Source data

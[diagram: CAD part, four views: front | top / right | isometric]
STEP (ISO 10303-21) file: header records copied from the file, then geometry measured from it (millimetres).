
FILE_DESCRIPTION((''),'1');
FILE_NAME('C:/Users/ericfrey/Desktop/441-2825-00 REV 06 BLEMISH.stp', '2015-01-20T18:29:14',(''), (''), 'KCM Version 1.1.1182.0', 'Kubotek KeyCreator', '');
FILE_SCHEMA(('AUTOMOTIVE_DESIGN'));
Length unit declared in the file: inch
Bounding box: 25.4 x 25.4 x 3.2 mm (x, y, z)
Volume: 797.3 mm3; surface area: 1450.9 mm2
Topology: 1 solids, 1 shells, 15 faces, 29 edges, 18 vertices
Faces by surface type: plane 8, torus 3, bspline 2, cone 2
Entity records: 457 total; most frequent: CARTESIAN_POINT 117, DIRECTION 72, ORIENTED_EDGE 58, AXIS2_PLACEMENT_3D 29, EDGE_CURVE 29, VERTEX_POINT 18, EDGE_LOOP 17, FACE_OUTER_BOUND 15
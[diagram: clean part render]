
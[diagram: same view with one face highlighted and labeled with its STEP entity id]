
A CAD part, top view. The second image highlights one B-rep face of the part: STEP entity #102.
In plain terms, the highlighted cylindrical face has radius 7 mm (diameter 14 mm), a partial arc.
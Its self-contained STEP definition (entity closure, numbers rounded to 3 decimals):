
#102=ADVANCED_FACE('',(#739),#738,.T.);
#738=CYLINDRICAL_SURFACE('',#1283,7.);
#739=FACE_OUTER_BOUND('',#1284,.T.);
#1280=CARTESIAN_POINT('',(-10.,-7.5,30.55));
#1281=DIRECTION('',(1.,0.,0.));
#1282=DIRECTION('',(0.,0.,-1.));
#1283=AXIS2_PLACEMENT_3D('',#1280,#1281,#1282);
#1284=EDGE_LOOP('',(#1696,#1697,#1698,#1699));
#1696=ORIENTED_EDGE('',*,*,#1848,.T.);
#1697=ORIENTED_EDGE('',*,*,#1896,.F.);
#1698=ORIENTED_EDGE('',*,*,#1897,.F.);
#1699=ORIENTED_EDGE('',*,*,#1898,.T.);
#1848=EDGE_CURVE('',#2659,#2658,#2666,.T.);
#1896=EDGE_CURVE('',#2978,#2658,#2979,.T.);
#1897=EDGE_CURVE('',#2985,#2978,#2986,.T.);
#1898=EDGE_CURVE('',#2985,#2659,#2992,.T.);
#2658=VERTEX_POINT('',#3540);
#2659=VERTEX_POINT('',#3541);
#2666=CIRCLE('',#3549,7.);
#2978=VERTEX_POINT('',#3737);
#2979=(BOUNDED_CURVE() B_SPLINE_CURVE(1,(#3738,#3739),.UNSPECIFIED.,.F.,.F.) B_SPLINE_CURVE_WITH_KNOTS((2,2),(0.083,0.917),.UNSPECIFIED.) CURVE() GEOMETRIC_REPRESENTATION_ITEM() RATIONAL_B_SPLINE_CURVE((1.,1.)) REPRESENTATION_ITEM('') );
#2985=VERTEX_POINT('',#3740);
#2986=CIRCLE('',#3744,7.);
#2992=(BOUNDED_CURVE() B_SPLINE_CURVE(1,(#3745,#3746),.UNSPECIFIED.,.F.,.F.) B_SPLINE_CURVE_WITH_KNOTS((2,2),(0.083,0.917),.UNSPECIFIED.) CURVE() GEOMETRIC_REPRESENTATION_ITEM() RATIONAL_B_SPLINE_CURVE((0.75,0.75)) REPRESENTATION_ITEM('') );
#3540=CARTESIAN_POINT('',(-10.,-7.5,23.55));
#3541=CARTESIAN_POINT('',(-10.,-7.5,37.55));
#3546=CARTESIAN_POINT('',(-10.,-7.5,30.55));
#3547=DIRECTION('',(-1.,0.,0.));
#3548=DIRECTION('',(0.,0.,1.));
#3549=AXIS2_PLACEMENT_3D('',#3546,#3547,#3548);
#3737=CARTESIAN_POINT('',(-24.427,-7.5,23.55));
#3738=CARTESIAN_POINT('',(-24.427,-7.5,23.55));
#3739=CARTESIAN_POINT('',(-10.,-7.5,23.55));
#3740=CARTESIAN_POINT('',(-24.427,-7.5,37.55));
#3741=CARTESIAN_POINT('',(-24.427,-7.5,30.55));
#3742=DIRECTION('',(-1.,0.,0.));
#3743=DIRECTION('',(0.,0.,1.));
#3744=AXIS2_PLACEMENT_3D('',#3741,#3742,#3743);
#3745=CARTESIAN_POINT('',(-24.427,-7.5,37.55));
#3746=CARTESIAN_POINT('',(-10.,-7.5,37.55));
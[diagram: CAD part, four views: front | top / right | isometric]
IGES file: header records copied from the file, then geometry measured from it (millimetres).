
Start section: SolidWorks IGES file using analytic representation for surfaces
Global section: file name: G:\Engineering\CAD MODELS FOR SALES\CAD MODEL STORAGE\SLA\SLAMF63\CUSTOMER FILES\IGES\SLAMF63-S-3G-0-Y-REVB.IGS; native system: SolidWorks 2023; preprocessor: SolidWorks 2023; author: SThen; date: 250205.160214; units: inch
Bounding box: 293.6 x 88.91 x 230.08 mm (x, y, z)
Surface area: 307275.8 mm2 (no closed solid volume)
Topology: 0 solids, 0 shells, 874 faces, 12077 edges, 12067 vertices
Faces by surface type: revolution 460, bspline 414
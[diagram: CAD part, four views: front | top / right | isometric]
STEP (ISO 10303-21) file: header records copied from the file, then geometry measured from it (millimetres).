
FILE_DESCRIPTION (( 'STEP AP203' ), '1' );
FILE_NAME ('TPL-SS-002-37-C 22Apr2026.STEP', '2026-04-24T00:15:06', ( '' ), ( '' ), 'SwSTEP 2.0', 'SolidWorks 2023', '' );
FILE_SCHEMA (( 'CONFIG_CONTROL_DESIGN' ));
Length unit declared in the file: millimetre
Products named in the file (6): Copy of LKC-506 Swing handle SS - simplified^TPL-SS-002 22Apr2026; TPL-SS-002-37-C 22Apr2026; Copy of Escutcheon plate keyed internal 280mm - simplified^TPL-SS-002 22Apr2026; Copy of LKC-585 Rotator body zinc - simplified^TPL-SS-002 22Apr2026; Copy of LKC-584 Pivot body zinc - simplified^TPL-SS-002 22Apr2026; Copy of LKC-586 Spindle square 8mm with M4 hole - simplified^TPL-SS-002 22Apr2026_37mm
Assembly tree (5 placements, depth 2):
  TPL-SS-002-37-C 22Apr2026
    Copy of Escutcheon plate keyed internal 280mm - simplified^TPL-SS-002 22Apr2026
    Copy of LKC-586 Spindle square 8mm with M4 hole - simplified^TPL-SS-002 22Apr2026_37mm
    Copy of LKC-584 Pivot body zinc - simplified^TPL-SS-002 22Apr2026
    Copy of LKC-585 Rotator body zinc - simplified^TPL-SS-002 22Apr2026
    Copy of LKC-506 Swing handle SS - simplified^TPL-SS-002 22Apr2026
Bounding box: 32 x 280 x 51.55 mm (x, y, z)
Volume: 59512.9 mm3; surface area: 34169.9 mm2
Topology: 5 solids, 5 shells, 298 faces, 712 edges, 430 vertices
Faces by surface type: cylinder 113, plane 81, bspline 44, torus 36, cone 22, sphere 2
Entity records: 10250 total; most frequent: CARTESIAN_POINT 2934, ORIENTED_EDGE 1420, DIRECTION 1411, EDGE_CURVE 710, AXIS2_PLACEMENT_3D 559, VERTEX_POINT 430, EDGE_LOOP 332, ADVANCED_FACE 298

_WHAT YOU WILL DO_
The records above are to be duplicated word for word.

_TASK RESULT_
[diagram: CAD part, four views: front | top / right | isometric]
STEP (ISO 10303-21) file: header records copied from the file, then geometry measured from it (millimetres).
FILE_DESCRIPTION((''),'1');
FILE_NAME('C:/Users/ericfrey/Desktop/441-2825-00 REV 06 BLEMISH.stp', '2015-01-20T18:29:14',(''), (''), 'KCM Version 1.1.1182.0', 'Kubotek KeyCreator', '');
FILE_SCHEMA(('AUTOMOTIVE_DESIGN'));
Length unit declared in the file: inch
Bounding box: 25.4 x 25.4 x 3.2 mm (x, y, z)
Volume: 797.3 mm3; surface area: 1450.9 mm2
Topology: 1 solids, 1 shells, 15 faces, 29 edges, 18 vertices
Faces by surface type: plane 8, torus 3, bspline 2, cone 2
Entity records: 457 total; most frequent: CARTESIAN_POINT 117, DIRECTION 72, ORIENTED_EDGE 58, AXIS2_PLACEMENT_3D 29, EDGE_CURVE 29, VERTEX_POINT 18, EDGE_LOOP 17, FACE_OUTER_BOUND 15
[diagram: clean part render]
[diagram: same view with one face highlighted and labeled with its STEP entity id]
A CAD part, top view. The second image highlights one B-rep face of the part: STEP entity #102.
In plain terms, the highlighted cylindrical face has radius 7 mm (diameter 14 mm), a partial arc.
Its self-contained STEP definition (entity closure, numbers rounded to 3 decimals):
#102=ADVANCED_FACE('',(#739),#738,.T.);
#738=CYLINDRICAL_SURFACE('',#1283,7.);
#739=FACE_OUTER_BOUND('',#1284,.T.);
#1280=CARTESIAN_POINT('',(-10.,-7.5,30.55));
#1281=DIRECTION('',(1.,0.,0.));
#1282=DIRECTION('',(0.,0.,-1.));
#1283=AXIS2_PLACEMENT_3D('',#1280,#1281,#1282);
#1284=EDGE_LOOP('',(#1696,#1697,#1698,#1699));
#1696=ORIENTED_EDGE('',*,*,#1848,.T.);
#1697=ORIENTED_EDGE('',*,*,#1896,.F.);
#1698=ORIENTED_EDGE('',*,*,#1897,.F.);
#1699=ORIENTED_EDGE('',*,*,#1898,.T.);
#1848=EDGE_CURVE('',#2659,#2658,#2666,.T.);
#1896=EDGE_CURVE('',#2978,#2658,#2979,.T.);
#1897=EDGE_CURVE('',#2985,#2978,#2986,.T.);
#1898=EDGE_CURVE('',#2985,#2659,#2992,.T.);
#2658=VERTEX_POINT('',#3540);
#2659=VERTEX_POINT('',#3541);
#2666=CIRCLE('',#3549,7.);
#2978=VERTEX_POINT('',#3737);
#2979=(BOUNDED_CURVE() B_SPLINE_CURVE(1,(#3738,#3739),.UNSPECIFIED.,.F.,.F.) B_SPLINE_CURVE_WITH_KNOTS((2,2),(0.083,0.917),.UNSPECIFIED.) CURVE() GEOMETRIC_REPRESENTATION_ITEM() RATIONAL_B_SPLINE_CURVE((1.,1.)) REPRESENTATION_ITEM('') );
#2985=VERTEX_POINT('',#3740);
#2986=CIRCLE('',#3744,7.);
#2992=(BOUNDED_CURVE() B_SPLINE_CURVE(1,(#3745,#3746),.UNSPECIFIED.,.F.,.F.) B_SPLINE_CURVE_WITH_KNOTS((2,2),(0.083,0.917),.UNSPECIFIED.) CURVE() GEOMETRIC_REPRESENTATION_ITEM() RATIONAL_B_SPLINE_CURVE((0.75,0.75)) REPRESENTATION_ITEM('') );
#3540=CARTESIAN_POINT('',(-10.,-7.5,23.55));
#3541=CARTESIAN_POINT('',(-10.,-7.5,37.55));
#3546=CARTESIAN_POINT('',(-10.,-7.5,30.55));
#3547=DIRECTION('',(-1.,0.,0.));
#3548=DIRECTION('',(0.,0.,1.));
#3549=AXIS2_PLACEMENT_3D('',#3546,#3547,#3548);
#3737=CARTESIAN_POINT('',(-24.427,-7.5,23.55));
#3738=CARTESIAN_POINT('',(-24.427,-7.5,23.55));
#3739=CARTESIAN_POINT('',(-10.,-7.5,23.55));
#3740=CARTESIAN_POINT('',(-24.427,-7.5,37.55));
#3741=CARTESIAN_POINT('',(-24.427,-7.5,30.55));
#3742=DIRECTION('',(-1.,0.,0.));
#3743=DIRECTION('',(0.,0.,1.));
#3744=AXIS2_PLACEMENT_3D('',#3741,#3742,#3743);
#3745=CARTESIAN_POINT('',(-24.427,-7.5,37.55));
#3746=CARTESIAN_POINT('',(-10.,-7.5,37.55));
[diagram: CAD part, four views: front | top / right | isometric]
IGES file: header records copied from the file, then geometry measured from it (millimetres).
Start section: SolidWorks IGES file using analytic representation for surfaces
Global section: file name: G:\Engineering\CAD MODELS FOR SALES\CAD MODEL STORAGE\SLA\SLAMF63\CUSTOMER FILES\IGES\SLAMF63-S-3G-0-Y-REVB.IGS; native system: SolidWorks 2023; preprocessor: SolidWorks 2023; author: SThen; date: 250205.160214; units: inch
Bounding box: 293.6 x 88.91 x 230.08 mm (x, y, z)
Surface area: 307275.8 mm2 (no closed solid volume)
Topology: 0 solids, 0 shells, 874 faces, 12077 edges, 12067 vertices
Faces by surface type: revolution 460, bspline 414
[diagram: CAD part, four views: front | top / right | isometric]
STEP (ISO 10303-21) file: header records copied from the file, then geometry measured from it (millimetres).
FILE_DESCRIPTION (( 'STEP AP203' ), '1' );
FILE_NAME ('TPL-SS-002-37-C 22Apr2026.STEP', '2026-04-24T00:15:06', ( '' ), ( '' ), 'SwSTEP 2.0', 'SolidWorks 2023', '' );
FILE_SCHEMA (( 'CONFIG_CONTROL_DESIGN' ));
Length unit declared in the file: millimetre
Products named in the file (6): Copy of LKC-506 Swing handle SS - simplified^TPL-SS-002 22Apr2026; TPL-SS-002-37-C 22Apr2026; Copy of Escutcheon plate keyed internal 280mm - simplified^TPL-SS-002 22Apr2026; Copy of LKC-585 Rotator body zinc - simplified^TPL-SS-002 22Apr2026; Copy of LKC-584 Pivot body zinc - simplified^TPL-SS-002 22Apr2026; Copy of LKC-586 Spindle square 8mm with M4 hole - simplified^TPL-SS-002 22Apr2026_37mm
Assembly tree (5 placements, depth 2):
  TPL-SS-002-37-C 22Apr2026
    Copy of Escutcheon plate keyed internal 280mm - simplified^TPL-SS-002 22Apr2026
    Copy of LKC-586 Spindle square 8mm with M4 hole - simplified^TPL-SS-002 22Apr2026_37mm
    Copy of LKC-584 Pivot body zinc - simplified^TPL-SS-002 22Apr2026
    Copy of LKC-585 Rotator body zinc - simplified^TPL-SS-002 22Apr2026
    Copy of LKC-506 Swing handle SS - simplified^TPL-SS-002 22Apr2026
Bounding box: 32 x 280 x 51.55 mm (x, y, z)
Volume: 59512.9 mm3; surface area: 34169.9 mm2
Topology: 5 solids, 5 shells, 298 faces, 712 edges, 430 vertices
Faces by surface type: cylinder 113, plane 81, bspline 44, torus 36, cone 22, sphere 2
Entity records: 10250 total; most frequent: CARTESIAN_POINT 2934, ORIENTED_EDGE 1420, DIRECTION 1411, EDGE_CURVE 710, AXIS2_PLACEMENT_3D 559, VERTEX_POINT 430, EDGE_LOOP 332, ADVANCED_FACE 298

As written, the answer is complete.